I am pretty sure there's no way to "link" your reservations as you are staying in entirely different resorts but it MIGHT be possible for them to assist with dining plan continuation if that's something you're wanting. FP shouldn't really be a problem nor should dining.  Why not call MS to ask? Happy planning!


----------



## ilenekm (Mar 19, 2017)

Disney is great with moving your bags.  They will even store your groceries at the appropriate temperature,  fridge or freezer. They collect you bags when you check out, you spend your day at the parks and your bags magically appear in your new home when you get there. 

Sent from my SM-G925V using Tapatalk


----------



## Deb & Bill (Mar 25, 2017)

ljmiii said:


> For the first time we will be doing a split stay at WDW - Bay Lake Tower and Beach Club Villas. Does Disney provide any help in getting luggage from one to the other? And is there any way for Disney to read this as one 'stay' for the purposes of Dining reservations and Fastpasses? Thanks in advance...

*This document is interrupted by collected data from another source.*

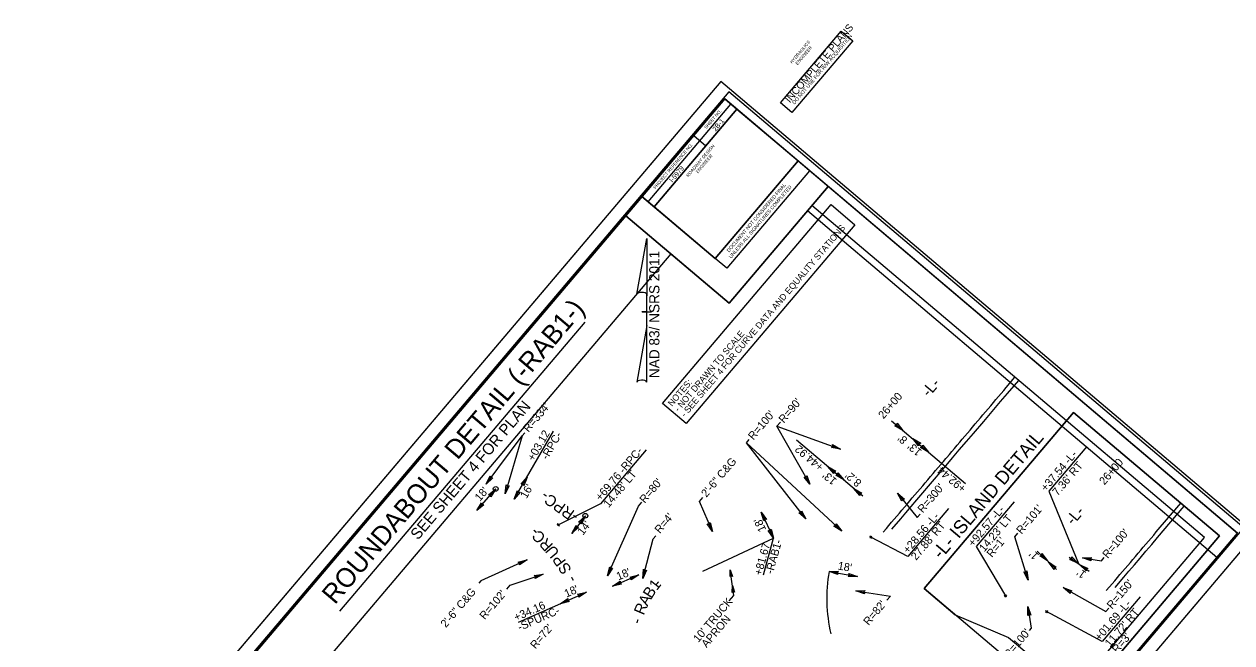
# Model space of a CAD drawing. Extents: x 1761753 to 1762923, y 422186 to 423380.
# Drawn here: x 1761775 to 1762529, y 422993 to 423380 of the extents above; entities that cross this region are included whole.
import ezdxf

# ---------------------------------------------------------------- set-up
doc = ezdxf.new("R2010")
doc.units = 0
for name, color, linetype in [('Default', 7, 'Continuous'), ('Matchline', 7, 'Continuous'), ('Old_Level_11', 7, 'Continuous'), ('Old_Level_2', 7, 'Continuous'), ('Prop Conc 2ft 6in Curb and Gutter', 7, 'Continuous'), ('Prop Conc 5in Monolithic Keyed In Island', 7, 'Continuous'), ('Prop Dimension Text', 7, 'Continuous'), ('Prop Grid Mask', 7, 'Continuous'), ('Prop Horizontal Alignment Station Label', 7, 'Continuous'), ('Prop Lane Lines', 7, 'Continuous'), ('Prop RDY Traffic Signal CELL', 7, 'Continuous'), ('Prop Shade Light', 7, 'Continuous'), ('Sheet Cutting Line CELL', 7, 'Continuous'), ('Sheet Data Field CELL', 7, 'Continuous'), ('Sheet North Arrow CELL', 7, 'Continuous'), ('Sheet Plan CELL', 7, 'Continuous'), ('Sheet Plan Layout CELL', 7, 'Continuous'), ('Sheet Plot Border Inside CELL', 7, 'Continuous'), ('Sheet Plot Border Outside CELL', 7, 'Continuous'), ('Sheet Symbology CELL', 7, 'Continuous')]:
    doc.layers.add(name, color=color, linetype=linetype)

# ---------------------------------------------------------------- blocks, each defined once
blk = doc.blocks.new('Terminator')
at = {"layer": 'Sheet Data Field CELL'}
blk.add_lwpolyline([(-9, 1.55), (0, 0), (-9.05, -1.6), (-7.9, 0)], close=True, dxfattribs=at)

msp = doc.modelspace()

# ---------------------------------------------------------------- linework, layer by layer
at = {"layer": 'Default'}
for p, q in [((1762108.48, 423066.91), (1762107.9, 423067.4)), ((1762109.32, 423066.21), (1762108.48, 423066.91)), ((1762303.72, 423059.17), (1762303.14, 423059.66)), ((1762304.55, 423058.47), (1762303.72, 423059.17)), ((1762387.8, 423022.41), (1762387.22, 423022.9)), ((1762388.63, 423021.71), (1762387.8, 423022.41)), ((1762413.5, 423012.6), (1762412.91, 423013.09)), ((1762414.33, 423011.9), (1762413.5, 423012.6))]:
    msp.add_line(p, q, dxfattribs=at)
at = {"layer": 'Matchline'}
for p, q in [((1762157.61, 423211.03), (1762163.76, 423245.8)), ((1762163.79, 423245.8), (1762163.76, 423245.8)), ((1762163.79, 423245.8), (1762163.76, 423245.8)), ((1762163.79, 423245.8), (1762163.79, 423209.95)), ((1762163.79, 423191.35), (1762163.79, 423211)), ((1762163.79, 423209.95), (1762163.79, 423210.96)), ((1762160.79, 423200.05), (1762160.76, 423200.05)), ((1762163.46, 423200.05), (1762160.79, 423200.05)), ((1762160.83, 423200.05), (1762166.83, 423200.05)), ((1762163.79, 423191.35), (1762157.53, 423155.91)), ((1762163.83, 423156.06), (1762163.79, 423191.35))]:
    msp.add_line(p, q, dxfattribs=at)
for centre, start_param, end_param in [((1762160.71, 423210.66), 0.216388, 2.908219), ((1762160.71, 423155.78), 0.201328, 3.141593)]:
    msp.add_ellipse(centre, major_axis=(3.17, -0.02), ratio=0.461098, start_param=start_param, end_param=end_param, dxfattribs=at)
at = {"layer": 'Old_Level_2'}
msp.add_lwpolyline([(1762254.44, 423324.55), (1762247.26, 423330.63), (1762285.27, 423375.49), (1762292.44, 423369.42)], close=True, dxfattribs=at)
at = {"layer": 'Prop Conc 2ft 6in Curb and Gutter'}
msp.add_lwpolyline([(1762106.21, 422556.31), (1762536.95, 423064.78), (1762214.97, 423337.56), (1761784.22, 422829.09)], close=True, dxfattribs=at)
at = {"layer": 'Prop Conc 5in Monolithic Keyed In Island'}
msp.add_line((1761971.96, 423012.67), (1762125.24, 423193.6), dxfattribs=at)
msp.add_lwpolyline([(1762337.14, 423026.87), (1762430.51, 423137.08), (1762521.72, 423059.81), (1762428.35, 422949.6)], close=True, dxfattribs=at)
at = {"layer": 'Prop Dimension Text'}
for p, q in [((1762210.03, 423344.1), (1761774.75, 422830.29)), ((1762108.95, 422547.17), (1762544.23, 423060.98))]:
    msp.add_line(p, q, dxfattribs=at)
at = {"layer": 'Prop Grid Mask'}
for p, q in [((1762164.6, 423268.8), (1762216.33, 423329.85)), ((1762168.43, 423265.56), (1762220.14, 423326.62)), ((1762223.96, 423323.39), (1762258.3, 423294.3)), ((1762193.12, 423310.18), (1762200.76, 423303.73)), ((1762168.43, 423265.56), (1762172.24, 423262.33))]:
    msp.add_line(p, q, dxfattribs=at)
for points in [[(1762212.5, 423333.11), (1761824.66, 422875.29), (1762145.13, 422603.81), (1762532.96, 423061.62)], [(1762160.77, 423272.05), (1762212.5, 423333.11), (1762220.14, 423326.62), (1762168.43, 423265.56)], [(1762168.43, 423265.56), (1762220.15, 423326.62), (1762258.29, 423294.3), (1762206.57, 423233.25)], [(1762145.13, 422603.81), (1761824.66, 422875.28), (1762160.77, 423272.05), (1762206.57, 423233.25), (1762258.3, 423294.3), (1762532.96, 423061.62)]]:
    msp.add_lwpolyline(points, close=True, dxfattribs=at)
at = {"layer": 'Prop Horizontal Alignment Station Label'}
for points in [[(1762146.91, 422627.42), (1762512.32, 423058.75), (1762267, 423266.56), (1762215.18, 423205.39), (1762178.84, 423236.18), (1761865.25, 422866.02)], [(1762356.54, 423010.43), (1762389.75, 422996.33), (1762421.46, 422969.87), (1762420.74, 422956.05), (1762428.35, 422949.6), (1762521.72, 423059.81), (1762430.51, 423137.08), (1762337.14, 423026.87)]]:
    msp.add_lwpolyline(points, close=True, dxfattribs=at)
at = {"layer": 'Prop Lane Lines'}
msp.add_line((1762198.88, 423037.72), (1762243.01, 423058.43), dxfattribs=at)
msp.add_arc((1762376.27, 423020.6), 100, 170.25355, 192.68582, dxfattribs=at)
at = {"layer": 'Prop RDY Traffic Signal CELL'}
for points in [[(1762215.18, 423205.39), (1762277.05, 423278.42), (1762212.51, 423333.11), (1762150.64, 423260.08)], [(1761824.66, 422875.28), (1762145.13, 422603.81), (1762532.96, 423061.61), (1762277.04, 423278.41), (1762215.18, 423205.39), (1762150.64, 423260.08)]]:
    msp.add_lwpolyline(points, close=True, dxfattribs=at)
at = {"layer": 'Prop Shade Light'}
for p, q in [((1762206.57, 423233.25), (1762258.29, 423294.3)), ((1762206.57, 423233.25), (1762258.29, 423294.3)), ((1762258.3, 423294.3), (1762265.47, 423288.22)), ((1762258.3, 423294.3), (1762265.47, 423288.22)), ((1762265.47, 423288.23), (1762213.75, 423227.17)), ((1762265.47, 423288.23), (1762213.75, 423227.17)), ((1762213.75, 423227.17), (1762206.57, 423233.25)), ((1762213.75, 423227.17), (1762206.57, 423233.25))]:
    msp.add_line(p, q, dxfattribs=at)
at = {"layer": 'Sheet Cutting Line CELL'}
for points in [[(1762316.98, 423064.07), (1762322.48, 423070.52), (1762325.62, 423074.22), (1762328.98, 423078.17), (1762332.54, 423082.38), (1762336.21, 423086.71), (1762339.85, 423091.02), (1762343.48, 423095.3), (1762347.08, 423099.56), (1762350.81, 423103.95), (1762354.8, 423108.65), (1762359.07, 423113.64), (1762363.6, 423118.93), (1762367.91, 423123.95), (1762374.31, 423131.46), (1762378.51, 423136.42), (1762384.89, 423143.86), (1762389.17, 423148.83), (1762396.26, 423157.06)], [(1762456.46, 423027.55), (1762461.96, 423034.01), (1762465.1, 423037.7), (1762468.45, 423041.65), (1762472.02, 423045.86), (1762475.68, 423050.19), (1762479.33, 423054.5), (1762482.95, 423058.78), (1762499.65, 423078.51)]]:
    msp.add_lwpolyline(points, dxfattribs=at)
at = {"layer": 'Sheet Data Field CELL'}
for points in [[(1762320.17, 423130.24), (1762323.87, 423125.83), (1762318.87, 423128.74), (1762320.07, 423129.04)], [(1762296.84, 423085.15), (1762293.15, 423089.56), (1762298.15, 423086.65), (1762296.94, 423086.35)], [(1762282.15, 423067.44), (1762285.64, 423062.87), (1762280.77, 423066.01), (1762281.99, 423066.25)], [(1762418.3, 423038.89), (1762414.87, 423043.52), (1762419.69, 423040.31), (1762418.47, 423040.08)], [(1762429.33, 423046.63), (1762433.39, 423042.55), (1762428.16, 423045.03), (1762429.33, 423045.44)], [(1762215.81, 423034.36), (1762215.96, 423038.63), (1762217.27, 423034.53), (1762216.46, 423034.97)]]:
    msp.add_lwpolyline(points, close=True, dxfattribs=at)
at = {"layer": 'Sheet North Arrow CELL'}
msp.add_lwpolyline([(1762108.95, 422547.17), (1762544.23, 423060.98), (1762210.03, 423344.1), (1761774.75, 422830.29)], close=True, dxfattribs=at)
at = {"layer": 'Sheet Plan CELL'}
for p, q in [((1762080.97, 423082.81), (1762105.61, 423125.35)), ((1762245.13, 423128.43), (1762284.88, 423114.15)), ((1762316.77, 423131.84), (1762362.99, 423092.68)), ((1762085.95, 423122.32), (1762075.22, 423086.06)), ((1762263.19, 423070.43), (1762226.12, 423118.05)), ((1762257.43, 423119.82), (1762298.79, 423084.79)), ((1762057.59, 423075.62), (1762069.4, 423089.2)), ((1762125.41, 423072.41), (1762116.93, 423061.26)), ((1762235.36, 423074.72), (1762243.01, 423058.43)), ((1762107.9, 423067.4), (1762109.32, 423066.21)), ((1762109.15, 423067.44), (1762108, 423066.09)), ((1762236.68, 423035.44), (1762243.01, 423058.43)), ((1762303.14, 423059.66), (1762304.55, 423058.47)), ((1762304.39, 423059.7), (1762303.24, 423058.35)), ((1762419.87, 423038.74), (1762407.73, 423050.35)), ((1762427.7, 423046.6), (1762440.15, 423037.76)), ((1762142.32, 423028.45), (1762158.93, 423035.4)), ((1762277.71, 423037.52), (1762295.45, 423034.48)), ((1762083.58, 423005.94), (1762126.14, 423024.7)), ((1762387.22, 423022.9), (1762388.63, 423021.71)), ((1762388.47, 423022.94), (1762387.32, 423021.59)), ((1762412.91, 423013.09), (1762414.33, 423011.9)), ((1762414.16, 423013.13), (1762413.02, 423011.78))]:
    msp.add_line(p, q, dxfattribs=at)
msp.add_lwpolyline([(1762173.58, 423142.61), (1762278.98, 423267.02), (1762293.83, 423254.43), (1762188.44, 423130.02)], close=True, dxfattribs=at)
for points in [[(1762265.74, 423092.15), (1762245.13, 423128.43), (1762247.34, 423131.04)], [(1762063.42, 423092.28), (1762085.95, 423122.32), (1762087.61, 423124.29)], [(1762285.64, 423062.87), (1762226.12, 423118.05), (1762227.78, 423120.02)], [(1762163.46, 423113.6), (1762134.9, 423079.88), (1762108.61, 423066.8)], [(1762438.71, 423115.65), (1762415.07, 423087.75), (1762433.47, 423042.66)], [(1762139.26, 423034.94), (1762158.59, 423078.49), (1762160.73, 423081.02)], [(1762204.8, 423062.59), (1762196.66, 423081.24), (1762198.87, 423083.85)], [(1762320.44, 423086.62), (1762332.77, 423071.32), (1762334.59, 423073.47)], [(1762393.3, 423081.08), (1762369.67, 423053.19), (1762387.93, 423022.31)], [(1762352.38, 423076.88), (1762327.01, 423046.93), (1762303.85, 423059.06)], [(1762161.32, 423033.16), (1762167.69, 423057.95), (1762169.35, 423059.92)], [(1762402.04, 423032.19), (1762393.78, 423059.31), (1762395.6, 423061.46)], [(1762089.09, 423044.9), (1762060.11, 423031.75), (1762058.87, 423030.29)], [(1762435.99, 423046.05), (1762447.85, 423044.22), (1762449.67, 423046.37)], [(1762076.4, 423026.59), (1762078.42, 423028.98), (1762099.1, 423035.92)], [(1762215.31, 423019.19), (1762218.15, 423022.54), (1762215.96, 423038.63)], [(1762423.97, 423027.47), (1762450.59, 423012.49), (1762452.41, 423014.64)], [(1762294.41, 423025.52), (1762315.98, 423022.13), (1762313.78, 423019.53)], [(1762472.02, 423021.7), (1762448.38, 422993.8), (1762413.62, 423012.49)], [(1762401.84, 423015.7), (1762404.05, 423002.16), (1762402.81, 423000.7)]]:
    msp.add_lwpolyline(points, dxfattribs=at)
at = {"layer": 'Sheet Plan Layout CELL'}
for points in [[(1762311.46, 423062.1), (1762313.51, 423064.51), (1762315.13, 423066.42), (1762316.75, 423068.32), (1762318.37, 423070.23), (1762319.99, 423072.13), (1762321.61, 423074.04), (1762323.23, 423075.94), (1762324.85, 423077.85), (1762326.47, 423079.75), (1762328.09, 423081.66), (1762329.71, 423083.56), (1762331.32, 423085.47), (1762332.94, 423087.37), (1762334.56, 423089.27), (1762336.18, 423091.18), (1762337.8, 423093.08), (1762339.42, 423094.99), (1762341.04, 423096.89), (1762342.66, 423098.8), (1762344.28, 423100.7), (1762345.9, 423102.61), (1762347.52, 423104.51), (1762349.13, 423106.42), (1762350.75, 423108.32), (1762351.22, 423108.87), (1762352.84, 423110.78), (1762354.46, 423112.68), (1762356.07, 423114.59), (1762357.69, 423116.49), (1762359.31, 423118.4), (1762360.93, 423120.3), (1762362.54, 423122.21), (1762364.16, 423124.12), (1762365.78, 423126.02), (1762367.4, 423127.93), (1762369.01, 423129.83), (1762370.63, 423131.74), (1762372.25, 423133.65), (1762373.87, 423135.55), (1762375.48, 423137.46), (1762377.1, 423139.36), (1762378.72, 423141.27), (1762380.34, 423143.18), (1762381.95, 423145.08), (1762383.57, 423146.99), (1762385.19, 423148.89), (1762386.81, 423150.8), (1762388.43, 423152.71), (1762393.85, 423159.1)], [(1762450.93, 423025.58), (1762452.99, 423028), (1762454.61, 423029.9), (1762456.23, 423031.81), (1762457.85, 423033.71), (1762459.47, 423035.62), (1762461.09, 423037.52), (1762462.71, 423039.42), (1762464.32, 423041.33), (1762465.94, 423043.23), (1762467.56, 423045.14), (1762469.18, 423047.04), (1762470.8, 423048.95), (1762472.42, 423050.85), (1762474.04, 423052.76), (1762475.66, 423054.66), (1762477.28, 423056.57), (1762478.9, 423058.47), (1762480.52, 423060.38), (1762482.13, 423062.28), (1762497.49, 423080.34)]]:
    msp.add_lwpolyline(points, dxfattribs=at)
at = {"layer": 'Sheet Plot Border Inside CELL'}
for centre in [(1762069.4, 423089.2), (1762125.41, 423072.41)]:
    msp.add_circle(centre, 1.5, dxfattribs=at)
at = {"layer": 'Sheet Symbology CELL'}
msp.add_lwpolyline([(1762158.05, 422619.07), (1762520.03, 423046.36), (1762264.12, 423263.16), (1762215.18, 423205.39), (1762150.64, 423260.08), (1761837.59, 422890.55)], close=True, dxfattribs=at)

# ---------------------------------------------------------------- block references
at = {"layer": 'Default'}
for p, xscale, yscale, rotation in [((1762329.97, 423120.66), 0.6300000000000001, 0.6299999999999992, 139.73010343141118), ((1762284.88, 423114.15), 0.6300000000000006, 0.629999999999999, -19.763003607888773), ((1762339.89, 423112.25), 0.6300000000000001, 0.6299999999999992, -40.269896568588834), ((1762276.97, 423103.27), 0.6300000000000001, 0.6299999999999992, 139.73010343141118), ((1762063.42, 423092.28), 0.6300000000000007, 0.6299999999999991, -126.87233818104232), ((1762088.99, 423096.65), 0.6300000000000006, 0.6299999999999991, 59.92752899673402), ((1762265.74, 423092.15), 0.6300000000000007, 0.629999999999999, -60.4056335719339), ((1762286.89, 423094.86), 0.6300000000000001, 0.6299999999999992, -40.269896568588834), ((1762069.4, 423089.2), 0.6300000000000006, 0.6299999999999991, 48.96093695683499), ((1762075.22, 423086.06), 0.6300000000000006, 0.629999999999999, -106.4878119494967), ((1762080.97, 423082.81), 0.6300000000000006, 0.6299999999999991, -120.07247100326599), ((1762057.59, 423075.62), 0.6300000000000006, 0.6299999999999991, -131.03906304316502), ((1762320.44, 423086.62), 0.6299999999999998, 0.6299999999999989, 128.86226778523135), ((1762125.41, 423072.41), 0.6300000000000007, 0.6299999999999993, 52.76088565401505), ((1762235.36, 423074.72), 0.6300000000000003, 0.6299999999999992, 115.14259082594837), ((1762263.19, 423070.43), 0.6300000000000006, 0.629999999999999, -52.09958711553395), ((1762116.93, 423061.26), 0.6300000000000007, 0.6299999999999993, -127.23911434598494), ((1762204.8, 423062.59), 0.6300000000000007, 0.629999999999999, -66.41357862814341), ((1762243.01, 423058.43), 0.6300000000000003, 0.6299999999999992, -64.85740917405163), ((1762089.09, 423044.9), 0.6300000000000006, 0.6299999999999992, 24.40503624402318), ((1762414.15, 423044.21), 0.630000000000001, 0.6299999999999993, -43.71674051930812), ((1762434.21, 423041.98), 0.6300000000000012, 0.6299999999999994, 144.6215333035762), ((1762435.99, 423046.05), 0.6299999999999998, 0.6299999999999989, 171.23978433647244), ((1762099.1, 423035.92), 0.6300000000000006, 0.629999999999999, 18.53636814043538), ((1762139.26, 423034.94), 0.6300000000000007, 0.629999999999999, -113.93055105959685), ((1762158.93, 423035.4), 0.6300000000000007, 0.6299999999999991, 22.7053564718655), ((1762161.32, 423033.16), 0.6300000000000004, 0.629999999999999, -104.42086929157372), ((1762277.71, 423037.52), 0.6300000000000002, 0.6299999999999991, 170.2535471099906), ((1762295.45, 423034.48), 0.6300000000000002, 0.6299999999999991, -9.74645289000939), ((1762402.04, 423032.19), 0.6300000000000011, 0.6299999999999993, -73.06920236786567), ((1762142.32, 423028.45), 0.6300000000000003, 0.6299999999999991, -157.2946435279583), ((1762423.97, 423027.47), 0.63, 0.629999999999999, 150.637756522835), ((1762109.67, 423017.44), 0.6300000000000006, 0.6299999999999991, -156.21437648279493), ((1762126.14, 423024.7), 0.6300000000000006, 0.6299999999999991, 23.78562351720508), ((1762294.41, 423025.52), 0.6300000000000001, 0.629999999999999, 171.05740195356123), ((1762401.84, 423015.7), 0.6299999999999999, 0.629999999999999, 99.26533092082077)]:
    msp.add_blockref('Terminator', p, dxfattribs=dict(at, xscale=xscale, yscale=yscale, rotation=rotation))
at = {"layer": 'Sheet Plan CELL', "xscale": 0.4687697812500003, "yscale": 0.4687697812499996, "rotation": 97.74339555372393}
msp.add_blockref('Terminator', (1762217.3, 423028.73), dxfattribs=at)

# ---------------------------------------------------------------- texts
at = {"layer": 'Matchline'}
msp.add_text('NAD 83/ NSRS 2011', height=6.375, rotation=90, dxfattribs=at).set_placement((1762171.68, 423158.49))
at = {"layer": 'Old_Level_11'}
for s, p in [('2B-1', (1762206.77, 423312.57)), ('I-5979', (1762179.77, 423280.66))]:
    msp.add_text(s, height=3, rotation=49.73011, dxfattribs=at).set_placement(p)
at = {"layer": 'Old_Level_2'}
for s, height, p in [('INCOMPLETE PLANS', 4.608, (1762253.18, 423330.31)), ('DO NOT USE FOR R/W ACQUISITION', 2.304, (1762256.14, 423329.5))]:
    msp.add_text(s, height=height, rotation=49.7301, dxfattribs=at).set_placement(p)
at = {"layer": 'Prop Dimension Text'}
for s, height, rotation, p in [('ROUNDABOUT DETAIL (-RAB1-)', 12, 49.7301, (1761968.9, 423016.37)), ('SEE SHEET 4 FOR PLAN', 7, 49.7301, (1762020.79, 423056.85)), ("R=334'", 5, 49.7301, (1762089.86, 423124.3)), ("R=90'", 5, 49.7301, (1762249.48, 423129.97)), ("R=100'", 5, 49.7301, (1762230.4, 423119.44)), ('+03.12', 5, 59.92753, (1762093.14, 423106.24)), ('-RPC-', 5, 59.92753, (1762101.68, 423107.08)), ("8'", 5, 139.7301, (1762327.08, 423120.51)), ('-L- ISLAND DETAIL', 8.4, 49.7301, (1762347.74, 423044.78)), ('+69.76 -RPC-', 5, 49.7301, (1762134.97, 423081.39)), ('+44.92', 5, 139.7301, (1762274.76, 423103.71)), ("13'", 5, 139.7301, (1762336.08, 423113.03)), ('+37.54 -L-', 5, 49.7301, (1762413.22, 423087.26)), ('2\'-6" C&G', 5, 49.7301, (1762201.06, 423083.63)), ('+92.44', 5, 139.7301, (1762363.74, 423090.28)), ("7.36' RT", 5, 49.7301, (1762420.48, 423084.5)), ("14.48' LT", 5, 49.7301, (1762139.97, 423077.15)), ("R=80'", 5, 49.7301, (1762162.57, 423079.85)), ("13'", 5, 139.7301, (1762282.97, 423094.91)), ("8.2'", 5, 139.7301, (1762298.45, 423093.74)), ("18'", 5, 48.96094, (1762059.52, 423081.11)), ("16'", 5, 59.92753, (1762088.64, 423082.76)), ("R=300'", 5, 49.7301, (1762336.3, 423073.8)), ("R=4'", 5, 49.7301, (1762171.98, 423060.96)), ('+28.56 -L-', 5, 49.7301, (1762327.09, 423048.43)), ('+92.57 -L-', 5, 49.7301, (1762367.82, 423052.69)), ("14.23' LT", 5, 49.7301, (1762374.68, 423049.48)), ("R=101'", 5, 49.7301, (1762397.98, 423060.54)), ("14'", 5, 52.76089, (1762123.89, 423059.88)), ("18'", 5, 115.14259, (1762238.52, 423063.72)), ("27.88' RT", 5, 49.7301, (1762332.09, 423044.2)), ("R=1'", 5, 49.7301, (1762379.47, 423045.97)), ("R=100'", 5, 49.7301, (1762451.77, 423045.43)), ('+81.67', 5, 74.60679, (1762235.51, 423034.72)), ('-RAB1-', 5, 74.60679, (1762242.6, 423035.65)), ("1'", 5, 136.28326, (1762409.18, 423047.85)), ("18'", 5, 350.25355, (1762282.88, 423038.86)), ("18'", 5, 22.70536, (1762146.05, 423031.93)), ("1'", 5, 144.62153, (1762438.79, 423036.8)), ('2\'-6" C&G', 5, 49.7301, (1762038.27, 423002.07)), ("18'", 5, 23.78562, (1762113.59, 423021.18)), ("R=150'", 5, 49.7301, (1762454.51, 423013.7)), ("R=102'", 5, 49.7301, (1762062.58, 423007.09)), ("10' TRUCK", 5, 49.7301, (1762196.03, 422992.85)), ("R=82'", 5, 49.7301, (1762302.41, 423003.47)), ('+34.16', 5, 23.78562, (1762082.1, 423006.35)), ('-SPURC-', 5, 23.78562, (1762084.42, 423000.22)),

If you have the dining plan, it will be two separate plans - one for each reservation.  If you are booking ADRs, you should be able to book up to 180 days plus 10 more days of reservations for your first day.  For FP+ you may need to wait until you are 60 days out for the second reservation.


----------



## ljmiii (Mar 25, 2017)

Deb & Bill said:


> If you have the dining plan, it will be two separate plans - one for each reservation.  If you are booking ADRs, you should be able to book up to 180 days plus 10 more days of reservations for your first day.  For FP+ you may need to wait until you are 60 days out for the second reservation.


Thank you all for your responses - moving our bags while we are at a park is exactly what I was hoping for. Also, I don't know (yet) if it is true or not, but the feedback I got on other forums is that on dining reservations Disney does allow you to book up to 180+10 days in advance over a split stay. You just need to call them to book the dining reservations for the 2nd half - the website can't deal.


----------



## WideEyedOwl (Mar 25, 2017)

Just wanted to add, I hope you will really enjoy your split stay, my family and I usually stay at 3 or sometimes 2 resorts; depending on length of stay, usually no less than 3 nights at a resort; since we first started DVC in 08.  The first time was a fluke, forced upon us by limited availability and we liked it so much, we've been doing it that way ever since.  Never had a problem, our luggage always arrived at our new resort before we checked in, and we used any carry over snack or meal credits from the previous resort meal plan during our first day checked in to our new resort.  We usually book BLT (which is our home resort) for the end of our stay because we like taking the Magical Express back to the airport from there because it's direct and you don't have to go to any other resorts and wait for other guests.


----------



## bendadin (Mar 26, 2017)

If you are doing the dining plan, you have until midnight of the first check out night to use that first allotment of credits.


----------



## ljmiii (Mar 26, 2017)

Winterbud849 said:


> Just wanted to add, I hope you will really enjoy your split stay, my family and I usually stay at 3 or sometimes 2 resorts; depending on length of stay...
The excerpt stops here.